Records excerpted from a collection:
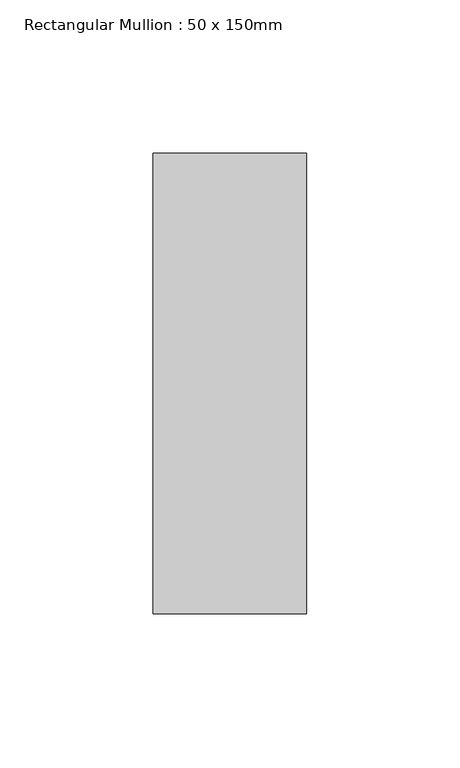
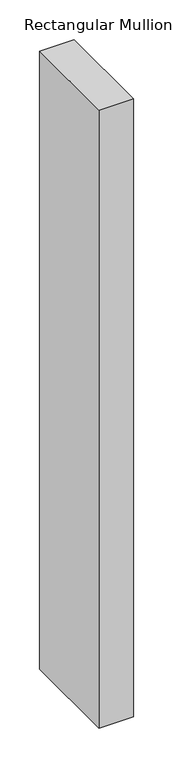
"""IFC4 building model written with IfcOpenShell, lengths in millimetres: member geometry, Rectangular Mullion : 50 x 150mm."""

import ifcopenshell
import ifcopenshell.guid

model = None  # the IFC model being written
_history = None  # IfcOwnerHistory: only IFC2X3 demands one
_inside = {}  # id of a spatial element -> (the spatial element, [elements in it])
_under = {}  # id of a project, library or spatial element -> (it, [spatial elements below it])
_declared = {}  # id of a project -> (the project, [libraries it declares])
_typed = {}  # id of a type object -> (the type object, [elements of that type])
_made_of = {}  # id of a material, layer set ... -> (it, [elements and type objects made of it])


def new_model(schema):
    """Start an empty IFC model of exactly this schema.

    Asked for "IFC4X3", IfcOpenShell would pick the latest addendum, in which some entities
    have other attributes; the version numbers below select the first issue.
    IFC2X3 requires an IfcOwnerHistory on every rooted entity: one is made here for all.
    """
    global model, _history
    if schema == "IFC4X3":
        model = ifcopenshell.file(schema_version=(4, 3, 0, 0))
    else:
        model = ifcopenshell.file(schema=schema)
    _inside.clear()
    _under.clear()
    _declared.clear()
    _typed.clear()
    _made_of.clear()
    _history = None
    if model.schema == "IFC2X3":
        org = make("IfcOrganization", Name="unknown")
        user = make(
            "IfcPersonAndOrganization",
            ThePerson=make("IfcPerson", FamilyName="unknown"),
            TheOrganization=org,
        )
        app = make(
            "IfcApplication",
            ApplicationDeveloper=org,
            Version="unknown",
            ApplicationFullName="unknown",
            ApplicationIdentifier="unknown",
        )
        _history = make(
            "IfcOwnerHistory",
            OwningUser=user,
            OwningApplication=app,
            ChangeAction="ADDED",
            CreationDate=0,
        )
    return model


def make(cls, **values):
    """One entity of the class cls with the attributes given. An attribute that is None is left unset."""
    return model.create_entity(
        cls, **{name: value for name, value in values.items() if value is not None}
    )


def rooted(cls, **values):
    """An entity with a GlobalId (a new one), such as an element, a storey or a relation."""
    return make(cls, GlobalId=ifcopenshell.guid.new(), OwnerHistory=_history, **values)


def si_unit(unit_type, name, prefix=None):
    """IfcSIUnit, for example si_unit("LENGTHUNIT", "METRE", prefix="MILLI")."""
    return make("IfcSIUnit", UnitType=unit_type, Prefix=prefix, Name=name)


def assignment(units):
    """IfcUnitAssignment: the units of a project."""
    return None if units is None else make("IfcUnitAssignment", Units=units)


def point(xyz):
    """IfcCartesianPoint."""
    return None if xyz is None else make("IfcCartesianPoint", Coordinates=xyz)


def direction(xyz):
    """IfcDirection."""
    return None if xyz is None else make("IfcDirection", DirectionRatios=xyz)


def frame(location, z_axis=None, x_axis=None):
    """IfcAxis2Placement3D, a coordinate frame: its origin and axes. An axis left out is left unset."""
    return make(
        "IfcAxis2Placement3D",
        Location=point(location),
        Axis=direction(z_axis),
        RefDirection=direction(x_axis),
    )


def origin():
    """The frame at (0, 0, 0) with its axes left unset."""
    return frame((0.0, 0.0, 0.0))


def place(relative_to, where):
    """IfcLocalPlacement: puts the frame where relative to a parent placement (None: the world)."""
    return make(
        "IfcLocalPlacement", PlacementRelTo=relative_to, RelativePlacement=where
    )


def context(
    kind, dimensions, precision=None, world=None, true_north=None, identifier=None
):
    """IfcGeometricRepresentationContext, for example the 3D "Model" context."""
    return make(
        "IfcGeometricRepresentationContext",
        ContextIdentifier=identifier,
        ContextType=kind,
        CoordinateSpaceDimension=dimensions,
        Precision=precision,
        WorldCoordinateSystem=world,
        TrueNorth=true_north,
    )


def project(units=None, contexts=None):
    """IfcProject with its units and contexts."""
    return rooted(
        "IfcProject",
        Name="project",
        RepresentationContexts=contexts,
        UnitsInContext=assignment(units),
    )


def spatial(cls, under=None, at=None, **own):
    """A site, building, storey or space (cls), placed at a placement, below another one or the project."""
    s = rooted(cls, ObjectPlacement=at, **own)
    if under is not None:
        _under.setdefault(under.id(), (under, []))[1].append(s)
    return s


def polyline(points):
    """IfcPolyline through the points."""
    return make("IfcPolyline", Points=[point(p) for p in points])


def outline(outer, holes=None, kind="AREA"):
    """IfcArbitraryClosedProfileDef: a profile drawn as a closed curve; with holes, ...WithVoids."""
    if holes is None:
        return make("IfcArbitraryClosedProfileDef", ProfileType=kind, OuterCurve=outer)
    return make(
        "IfcArbitraryProfileDefWithVoids",
        ProfileType=kind,
        OuterCurve=outer,
        InnerCurves=holes,
    )


def extrude(swept, where, along, depth):
    """IfcExtrudedAreaSolid: the profile swept, set in the frame where, extruded along a direction by depth."""
    return make(
        "IfcExtrudedAreaSolid",
        SweptArea=swept,
        Position=where,
        ExtrudedDirection=direction(along),
        Depth=depth,
    )


def shape(context_of_items, identifier, shape_type, items):
    """IfcShapeRepresentation: the items that make up one representation, for example the "Body"."""
    return make(
        "IfcShapeRepresentation",
        ContextOfItems=context_of_items,
        RepresentationIdentifier=identifier,
        RepresentationType=shape_type,
        Items=items,
    )


def source(mapping_origin, context_of_items, identifier, shape_type, items):
    """IfcRepresentationMap: a shape defined once, which mapped items show again and again."""
    return make(
        "IfcRepresentationMap",
        MappingOrigin=mapping_origin,
        MappedRepresentation=shape(context_of_items, identifier, shape_type, items),
    )


def transform(
    local_origin,
    x_axis=None,
    y_axis=None,
    z_axis=None,
    scale=None,
    scale2=None,
    scale3=None,
    uniform=True,
):
    """IfcCartesianTransformationOperator3D, or its non-uniform kind. x_axis, y_axis, z_axis: its Axis1, 2, 3."""
    if uniform:
        return make(
            "IfcCartesianTransformationOperator3D",
            Axis1=direction(x_axis),
            Axis2=direction(y_axis),
            LocalOrigin=point(local_origin),
            Scale=scale,
            Axis3=direction(z_axis),
        )
    return make(
        "IfcCartesianTransformationOperator3DnonUniform",
        Axis1=direction(x_axis),
        Axis2=direction(y_axis),
        LocalOrigin=point(local_origin),
        Scale=scale,
        Axis3=direction(z_axis),
        Scale2=scale2,
        Scale3=scale3,
    )


def mapped(mapping_source, mapping_target):
    """IfcMappedItem: shows the shape of a source again, moved by a transform."""
    return make(
        "IfcMappedItem", MappingSource=mapping_source, MappingTarget=mapping_target
    )


def made_of(thing, what):
    """Note that an element or type object is made of a material, layer set ...; save() writes the relation."""
    if what is not None:
        _made_of.setdefault(what.id(), (what, []))[1].append(thing)
    return thing


def element(
    cls,
    number,
    at=None,
    inside=None,
    cuts=None,
    type_object=None,
    material=None,
    context=None,
    identifier="Body",
    shape_type=None,
    held_by="IfcProductDefinitionShape",
    body=None,
    shapes=None,
    **own,
):
    """One element of the class cls, such as IfcWall. Its Tag is "e" and its number.

    at: its placement. inside: the storey or other place that contains it. cuts: it is an
    opening in that element (IfcRelVoidsElement). A single representation is given by context,
    identifier, shape_type and body (its items); several are given by shapes. held_by: the class
    of the entity that holds the representations. save() writes the other relations.
    """
    e = rooted(cls, Tag="e%d" % number, ObjectPlacement=at, **own)
    if body is not None:
        shapes = [shape(context, identifier, shape_type, body)]
    if shapes is not None:
        e.Representation = make(held_by, Representations=shapes)
    if inside is not None:
        _inside.setdefault(inside.id(), (inside, []))[1].append(e)
    if cuts is not None:
        rooted(
            "IfcRelVoidsElement", RelatingBuildingElement=cuts, RelatedOpeningElement=e
        )
    if type_object is not None:
        _typed.setdefault(type_object.id(), (type_object, []))[1].append(e)
    return made_of(e, material)


def aggregate(whole, parts):
    """IfcRelAggregates: a whole, such as a stair, and the parts it consists of."""
    return rooted("IfcRelAggregates", RelatingObject=whole, RelatedObjects=parts)


def save(model, path):
    """Write the relations noted so far, then the file.

    IfcRelAggregates (storeys below a building ...), IfcRelContainedInSpatialStructure (elements
    in a storey), IfcRelDefinesByType, IfcRelAssociatesMaterial and IfcRelDeclares: one each for
    every whole, place, type object, material and project.
    """
    for whole, parts in _under.values():
        aggregate(whole, parts)
    for where, things in _inside.values():
        rooted(
            "IfcRelContainedInSpatialStructure",
            RelatedElements=things,
            RelatingStructure=where,
        )
    for kind, things in _typed.values():
        rooted("IfcRelDefinesByType", RelatedObjects=things, RelatingType=kind)
    for what, things in _made_of.values():
        rooted("IfcRelAssociatesMaterial", RelatedObjects=things, RelatingMaterial=what)
    for by, libraries in _declared.values():
        rooted("IfcRelDeclares", RelatingContext=by, RelatedDefinitions=libraries)
    model.write(path)


def rectangular_mullion_50_x_150mm_a053b0ca(model_context):
    return source(origin(), model_context, "Body", "SweptSolid", [
        extrude(outline(polyline([(25.0, 75.0), (25.0, -75.0), (-25.0, -75.0), (-25.0, 75.0), (25.0, 75.0)])), frame((0.0, 0.0, -950.0), z_axis=(0.0, 0.0, 1.0), x_axis=(1.0, 0.0, 0.0)), (0.0, 0.0, 1.0), 950.0),
    ])


if __name__ == "__main__":
    model = new_model("IFC4")
    model_context = context("Model", 3, world=origin())
    ifc_project = project(units=[si_unit("LENGTHUNIT", "METRE", prefix="MILLI")], contexts=[model_context])
    site = spatial("IfcSite", under=ifc_project)
    building = spatial("IfcBuilding", under=site)
    placement = place(None, origin())
    rectangular_mullion_50_x_150mm_shape = rectangular_mullion_50_x_150mm_a053b0ca(model_context)
    element("IfcMember", 1, ObjectType="Rectangular Mullion : 50 x 150mm", at=placement, inside=building, context=model_context, shape_type="MappedRepresentation", body=[
        mapped(rectangular_mullion_50_x_150mm_shape, transform((0.0, 0.0, 0.0), x_axis=(1.0, 0.0, 0.0), y_axis=(0.0, 1.0, 0.0), z_axis=(0.0, 0.0, 1.0))),
    ])
    save(model, "model.ifc")

# Revit data of these elements
# Type "Rectangular Mullion : 50 x 150mm"
#   built-in parameter 1007304 = 0.492126 (stored number, unit not read)
#   built-in parameter 1007301 = 0.082021 (stored number, unit not read)
#   built-in parameter 1007300 = 0.082021 (stored number, unit not read)
# Element 1 (IfcMember, "Rectangular Mullion : 50 x 150mm")
#   Materials on its faces: "Aluminium"
# Materials
#   "Aluminium": class "Metal", colour RGB 247 247 247, transparency 0, Description = "Aluminium 6061", Cost = 0

DIRECTIONS. Only the lines above from the one with "return thing" through the one with "shapes = [shape(context, identifier, shape_type, body)]" should be duplicated, character for character.

ANSWER.
    return thing


def element(
    cls,
    number,
    at=None,
    inside=None,
    cuts=None,
    type_object=None,
    material=None,
    context=None,
    identifier="Body",
    shape_type=None,
    held_by="IfcProductDefinitionShape",
    body=None,
    shapes=None,
    **own,
):
    """One element of the class cls, such as IfcWall. Its Tag is "e" and its number.

    at: its placement. inside: the storey or other place that contains it. cuts: it is an
    opening in that element (IfcRelVoidsElement). A single representation is given by context,
    identifier, shape_type and body (its items); several are given by shapes. held_by: the class
    of the entity that holds the representations. save() writes the other relations.
    """
    e = rooted(cls, Tag="e%d" % number, ObjectPlacement=at, **own)
    if body is not None:
        shapes = [shape(context, identifier, shape_type, body)]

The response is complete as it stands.